# Possible purchase.



## reining girl (Jan 30, 2009)

I have someone coming out next weekend to come look at duchess, and she wants to buy her. If duchess does sell, this is the horse i am going to go try out, hopefully he will still be for sale. He is exactly what im looking for, well broke, 16.0 hands, ready to run the barrel pattern, nice color(i like greys), and he is only 7. I know in the one picture he kinda looks doen hill, its because of the ground, it dips down were his front feet are. I also will put the video up, he lopes nice circles, gives you his face, his stop aint the best, but she pulled on the bit to hard. His price is also dropped to $2,500 (obo) she needs to pay the tax man. I will also include his pedigree, he has nice pedigree. His moms sire, clockers choice, my barrel trainer bred one of her mares to him a long time ago. She loved him, he threw nice babies. Anyways, let me know what you think.
Smoking Illusion - Quarter Horse for Sale in Oakland, Oregon OR (add with the pictures)
Smoking Illusion Quarter Horse (pedigree)




 (video)


----------



## reining girl (Jan 30, 2009)

He really is what im looking for, i hope duchess will sell, but im not holding my breath. Im not going to e-mail her until duchess sells, i dont want to waste her time, especially if duchess dont sell. He is lazy, but he will run, granted youll have to make him run, but for a person just starting out in barrels, you want a lazier horse, not a wild child lol. I have done barrels before, but never ran them nothing serious. And with him being calmer (lazy) he will be a great start for me, my barrel trainer thinks so to. Let me know what you think, i know those arent the best critique pics, but you still can tell somewhat from them.


----------



## mls (Nov 28, 2006)

I would ask for another video. That rider is so in his face, he can't maintain a consistent gait. I had to look hard to tell if he was sound.


----------



## reining girl (Jan 30, 2009)

why wouldnt he be sound? I know she is really in his face, but i never saw any unsoundness look to him at all????


----------



## mls (Nov 28, 2006)

reining girl said:


> why wouldnt he be sound? I know she is really in his face, but i never saw any unsoundness look to him at all????

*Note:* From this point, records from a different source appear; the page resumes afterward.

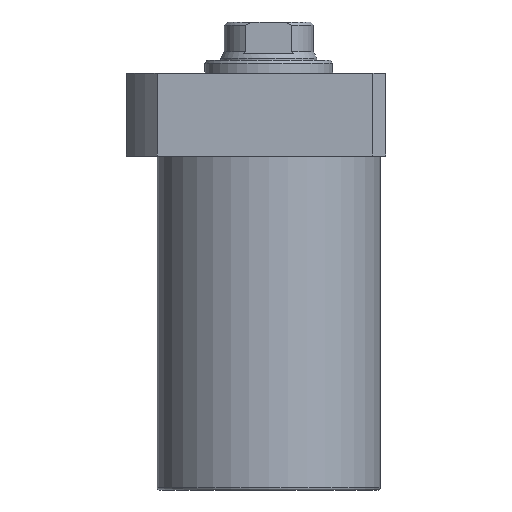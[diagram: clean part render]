
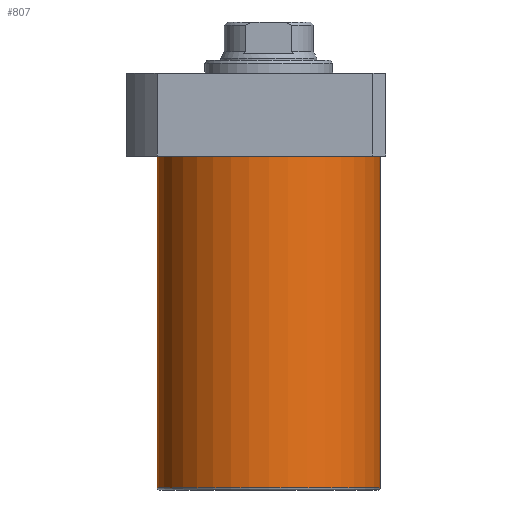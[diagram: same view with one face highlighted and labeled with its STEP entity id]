
A CAD part, front view. The second image highlights one B-rep face of the part: STEP entity #807.
In plain terms, the highlighted cylindrical face has radius 52.5 mm (diameter 105 mm), a partial arc.
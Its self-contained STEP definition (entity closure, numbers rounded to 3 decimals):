
#37 = DIRECTION ( 'NONE',  ( 1., 0., 0. ) ) ;
#55 = VECTOR ( 'NONE', #1919, 1000. ) ;
#80 = CYLINDRICAL_SURFACE ( 'NONE', #1828, 52.5 ) ;
#235 = CARTESIAN_POINT ( 'NONE',  ( -52.5, 0., -176.5 ) ) ;
#248 = DIRECTION ( 'NONE',  ( 1., 0., 0. ) ) ;
#268 = LINE ( 'NONE', #235, #565 ) ;
#330 = ORIENTED_EDGE ( 'NONE', *, *, #1321, .T. ) ;
#341 = EDGE_CURVE ( 'NONE', #1210, #1910, #1935, .T. ) ;
#456 = AXIS2_PLACEMENT_3D ( 'NONE', #1536, #1687, #37 ) ;
#512 = EDGE_CURVE ( 'NONE', #1101, #1155, #751, .T. ) ;
#555 = DIRECTION ( 'NONE',  ( 0., 0., 1. ) ) ;
#565 = VECTOR ( 'NONE', #1320, 1000. ) ;
#705 = CARTESIAN_POINT ( 'NONE',  ( 0., 0., -176.5 ) ) ;
#718 = DIRECTION ( 'NONE',  ( 0., 0., 1. ) ) ;
#751 = CIRCLE ( 'NONE', #456, 52.5 ) ;
#807 = ADVANCED_FACE ( 'NONE', ( #1695 ), #80, .T. ) ;
#882 = EDGE_CURVE ( 'NONE', #1210, #1155, #268, .T. ) ;
#940 = ORIENTED_EDGE ( 'NONE', *, *, #341, .T. ) ;
#1008 = ORIENTED_EDGE ( 'NONE', *, *, #882, .F. ) ;
#1015 = CARTESIAN_POINT ( 'NONE',  ( 52.5, 0., -176.5 ) ) ;
#1089 = CARTESIAN_POINT ( 'NONE',  ( 52.5, 0., -19.5 ) ) ;
#1101 = VERTEX_POINT ( 'NONE', #1089 ) ;
#1155 = VERTEX_POINT ( 'NONE', #1697 ) ;
#1210 = VERTEX_POINT ( 'NONE', #1881 ) ;
#1320 = DIRECTION ( 'NONE',  ( 0., 0., 1. ) ) ;
#1321 = EDGE_CURVE ( 'NONE', #1910, #1101, #1704, .T. ) ;
#1502 = DIRECTION ( 'NONE',  ( -1., 0., 0. ) ) ;
#1536 = CARTESIAN_POINT ( 'NONE',  ( 0., 0., -19.5 ) ) ;
#1687 = DIRECTION ( 'NONE',  ( 0., 0., -1. ) ) ;
#1688 = CARTESIAN_POINT ( 'NONE',  ( 52.5, 0., -175.5 ) ) ;
#1695 = FACE_OUTER_BOUND ( 'NONE', #1837, .T. ) ;
#1697 = CARTESIAN_POINT ( 'NONE',  ( -52.5, 0., -19.5 ) ) ;
#1704 = LINE ( 'NONE', #1015, #55 ) ;
#1759 = AXIS2_PLACEMENT_3D ( 'NONE', #1941, #718, #1502 ) ;
#1799 = ORIENTED_EDGE ( 'NONE', *, *, #512, .T. ) ;
#1828 = AXIS2_PLACEMENT_3D ( 'NONE', #705, #555, #248 ) ;
#1837 = EDGE_LOOP ( 'NONE', ( #1008, #940, #330, #1799 ) ) ;
#1881 = CARTESIAN_POINT ( 'NONE',  ( -52.5, 0., -175.5 ) ) ;
#1910 = VERTEX_POINT ( 'NONE', #1688 ) ;
#1919 = DIRECTION ( 'NONE',  ( 0., 0., 1. ) ) ;
#1935 = CIRCLE ( 'NONE', #1759, 52.5 ) ;
#1941 = CARTESIAN_POINT ( 'NONE',  ( 0., 0., -175.5 ) ) ;

He's never consistent to be able to tell. The entire ride his head is yanked to the inside of the circle.

I would like to see him moving in a straight line away and back at a walk and a trot.


----------



## reining girl (Jan 30, 2009)

If i do sell duchess, i will ask for a video like that. I will of coarse get a vet check, i will always do that no matter what horse i go to look at. I dont think he is unsound, like you said i think its the rider. She is very hard with her hands, she rides her barrels horses like that too when she is running the barrels, she (no offense men) but she rides her barrel horses like a man rides barrel horses lol, if you have ever seen them.


----------



## reining girl (Jan 30, 2009)

Im not saying all men that barrel race are bad, but alot of them are. Just my opinion, dont lash out at me. =)


----------



## KTSpeedhorse (Mar 10, 2009)

Bloodlines aren't too awful impressive Three Bars is way back, but the horse is beautiful looks like he needs to soften up a bit but that chick is really riding too much with her hands. Nothing is to say that he wouldn't be a good barrel horse tho. I think they are asking a bit much.


----------



## reining girl (Jan 30, 2009)

Ya, alot of his bloodlines are older barrel horse bloodlines from back in those days, clockers choice was a race horse si of 95, there just not reall popular bloodlines, but just starting out in barrels, im not looking for the next NFR horse lol.


----------



## reining girl (Jan 30, 2009)

To me pedigree is not a major thing, i mean look at scamper and hot shot, there pedigrees are nothing amazing and look at what they have done. Also, since im just starting out in barrel racing, i just want something that can run the barrel pattern, i dont care if it gets me nothing but 4D times, as long as i learn on it.


----------



## KTSpeedhorse (Mar 10, 2009)

Sounds good. Well if you are not too worried about pedigree (which is nul becuase he is a gelding) then make sure you let the seller know that you are not paying for names LOL. Funny that her video did not show her lopeing the pattern or something?? Don't get your heart set on anything until you get a chance to ride him : ) Shop carefully : )


----------



## reining girl (Jan 30, 2009)

O ya, i am going to shop very carefully. Im gonna offer her a lot less then what she is asking, if i even like him. Im not getting my hopes up. There is a nice horse in that i really like, but he is in Idaho =(. All the horses is like are never here, GRRR!!!


----------



## KTSpeedhorse (Mar 10, 2009)

What is wrong with your mare? Just not something that would be fit for barrel raceing? Just curious is all. Well if you do get additional videos from this person, please post them : )


----------



## reining girl (Jan 30, 2009)

She is green and i dont have the time for her. And she would rather be chasing somthing than barrels, she loves cows. And i want her to do something she is going to enjoy.


----------